Record set below:
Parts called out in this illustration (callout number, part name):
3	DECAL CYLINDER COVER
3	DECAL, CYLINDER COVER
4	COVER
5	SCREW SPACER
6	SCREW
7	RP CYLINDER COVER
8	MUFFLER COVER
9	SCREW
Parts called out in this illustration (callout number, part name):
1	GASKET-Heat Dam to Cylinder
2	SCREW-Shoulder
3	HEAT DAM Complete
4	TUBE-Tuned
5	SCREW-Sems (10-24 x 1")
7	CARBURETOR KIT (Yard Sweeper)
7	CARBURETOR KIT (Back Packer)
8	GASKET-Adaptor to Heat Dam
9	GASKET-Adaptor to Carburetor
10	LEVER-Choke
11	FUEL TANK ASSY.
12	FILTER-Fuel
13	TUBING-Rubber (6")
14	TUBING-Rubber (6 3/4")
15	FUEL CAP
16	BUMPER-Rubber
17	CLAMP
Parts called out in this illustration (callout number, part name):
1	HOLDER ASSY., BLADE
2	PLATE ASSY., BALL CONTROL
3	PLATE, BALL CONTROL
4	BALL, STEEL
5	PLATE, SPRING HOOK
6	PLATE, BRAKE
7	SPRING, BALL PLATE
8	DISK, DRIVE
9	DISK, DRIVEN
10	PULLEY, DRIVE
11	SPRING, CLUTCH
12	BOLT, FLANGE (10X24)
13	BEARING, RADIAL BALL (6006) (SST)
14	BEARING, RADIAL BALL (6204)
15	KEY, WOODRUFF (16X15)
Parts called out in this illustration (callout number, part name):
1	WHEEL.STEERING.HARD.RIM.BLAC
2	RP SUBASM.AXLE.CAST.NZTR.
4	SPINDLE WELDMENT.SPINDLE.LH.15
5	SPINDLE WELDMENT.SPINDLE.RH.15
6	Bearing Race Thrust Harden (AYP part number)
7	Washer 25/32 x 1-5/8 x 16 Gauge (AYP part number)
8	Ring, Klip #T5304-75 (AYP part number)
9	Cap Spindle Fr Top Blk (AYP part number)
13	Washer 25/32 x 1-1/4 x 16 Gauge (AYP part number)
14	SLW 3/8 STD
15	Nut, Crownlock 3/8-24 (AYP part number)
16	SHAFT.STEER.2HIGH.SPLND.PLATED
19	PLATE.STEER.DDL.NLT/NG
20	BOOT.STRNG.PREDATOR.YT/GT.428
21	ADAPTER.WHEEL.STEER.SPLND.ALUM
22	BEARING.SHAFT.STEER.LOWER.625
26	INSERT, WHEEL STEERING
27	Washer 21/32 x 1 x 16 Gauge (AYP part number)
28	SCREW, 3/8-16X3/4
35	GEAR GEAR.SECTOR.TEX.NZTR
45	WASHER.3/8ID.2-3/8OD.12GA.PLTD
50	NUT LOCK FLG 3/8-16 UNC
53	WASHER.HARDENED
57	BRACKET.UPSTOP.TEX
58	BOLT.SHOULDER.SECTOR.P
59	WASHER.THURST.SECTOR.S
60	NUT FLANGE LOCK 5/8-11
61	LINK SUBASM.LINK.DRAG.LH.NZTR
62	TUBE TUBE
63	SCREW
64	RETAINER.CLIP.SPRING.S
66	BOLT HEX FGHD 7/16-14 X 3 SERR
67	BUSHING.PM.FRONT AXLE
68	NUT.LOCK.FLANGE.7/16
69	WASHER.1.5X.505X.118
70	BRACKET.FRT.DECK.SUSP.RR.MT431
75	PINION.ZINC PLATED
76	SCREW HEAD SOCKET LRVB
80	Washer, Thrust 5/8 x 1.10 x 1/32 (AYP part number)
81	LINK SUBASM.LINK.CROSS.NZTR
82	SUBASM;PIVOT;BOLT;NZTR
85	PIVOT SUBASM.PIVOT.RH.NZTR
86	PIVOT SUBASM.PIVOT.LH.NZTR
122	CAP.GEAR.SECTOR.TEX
End of Record set.
* Your instructions
Each record must be repeated exactly as it appears above.

* Response box
Parts called out in this illustration (callout number, part name):
3	DECAL CYLINDER COVER
3	DECAL, CYLINDER COVER
4	COVER
5	SCREW SPACER
6	SCREW
7	RP CYLINDER COVER
8	MUFFLER COVER
9	SCREW
Parts called out in this illustration (callout number, part name):
1	GASKET-Heat Dam to Cylinder
2	SCREW-Shoulder
3	HEAT DAM Complete
4	TUBE-Tuned
5	SCREW-Sems (10-24 x 1")
7	CARBURETOR KIT (Yard Sweeper)
7	CARBURETOR KIT (Back Packer)
8	GASKET-Adaptor to Heat Dam
9	GASKET-Adaptor to Carburetor
10	LEVER-Choke
11	FUEL TANK ASSY.
12	FILTER-Fuel
13	TUBING-Rubber (6")
14	TUBING-Rubber (6 3/4")
15	FUEL CAP
16	BUMPER-Rubber
17	CLAMP
Parts called out in this illustration (callout number, part name):
1	HOLDER ASSY., BLADE
2	PLATE ASSY., BALL CONTROL
3	PLATE, BALL CONTROL
4	BALL, STEEL
5	PLATE, SPRING HOOK
6	PLATE, BRAKE
7	SPRING, BALL PLATE
8	DISK, DRIVE
9	DISK, DRIVEN
10	PULLEY, DRIVE
11	SPRING, CLUTCH
12	BOLT, FLANGE (10X24)
13	BEARING, RADIAL BALL (6006) (SST)
14	BEARING, RADIAL BALL (6204)
15	KEY, WOODRUFF (16X15)
Parts called out in this illustration (callout number, part name):
1	WHEEL.STEERING.HARD.RIM.BLAC
2	RP SUBASM.AXLE.CAST.NZTR.
4	SPINDLE WELDMENT.SPINDLE.LH.15
5	SPINDLE WELDMENT.SPINDLE.RH.15
6	Bearing Race Thrust Harden (AYP part number)
7	Washer 25/32 x 1-5/8 x 16 Gauge (AYP part number)
8	Ring, Klip #T5304-75 (AYP part number)
9	Cap Spindle Fr Top Blk (AYP part number)
13	Washer 25/32 x 1-1/4 x 16 Gauge (AYP part number)
14	SLW 3/8 STD
15	Nut, Crownlock 3/8-24 (AYP part number)
16	SHAFT.STEER.2HIGH.SPLND.PLATED
19	PLATE.STEER.DDL.NLT/NG
20	BOOT.STRNG.PREDATOR.YT/GT.428
21	ADAPTER.WHEEL.STEER.SPLND.ALUM
22	BEARING.SHAFT.STEER.LOWER.625
26	INSERT, WHEEL STEERING
27	Washer 21/32 x 1 x 16 Gauge (AYP part number)
28	SCREW, 3/8-16X3/4
35	GEAR GEAR.SECTOR.TEX.NZTR
45	WASHER.3/8ID.2-3/8OD.12GA.PLTD
50	NUT LOCK FLG 3/8-16 UNC
53	WASHER.HARDENED
57	BRACKET.UPSTOP.TEX
58	BOLT.SHOULDER.SECTOR.P
59	WASHER.THURST.SECTOR.S
60	NUT FLANGE LOCK 5/8-11
61	LINK SUBASM.LINK.DRAG.LH.NZTR
62	TUBE TUBE
63	SCREW
64	RETAINER.CLIP.SPRING.S
66	BOLT HEX FGHD 7/16-14 X 3 SERR
67	BUSHING.PM.FRONT AXLE
68	NUT.LOCK.FLANGE.7/16
69	WASHER.1.5X.505X.118
70	BRACKET.FRT.DECK.SUSP.RR.MT431
75	PINION.ZINC PLATED
76	SCREW HEAD SOCKET LRVB
80	Washer, Thrust 5/8 x 1.10 x 1/32 (AYP part number)
81	LINK SUBASM.LINK.CROSS.NZTR
82	SUBASM;PIVOT;BOLT;NZTR
85	PIVOT SUBASM.PIVOT.RH.NZTR
86	PIVOT SUBASM.PIVOT.LH.NZTR
122	CAP.GEAR.SECTOR.TEX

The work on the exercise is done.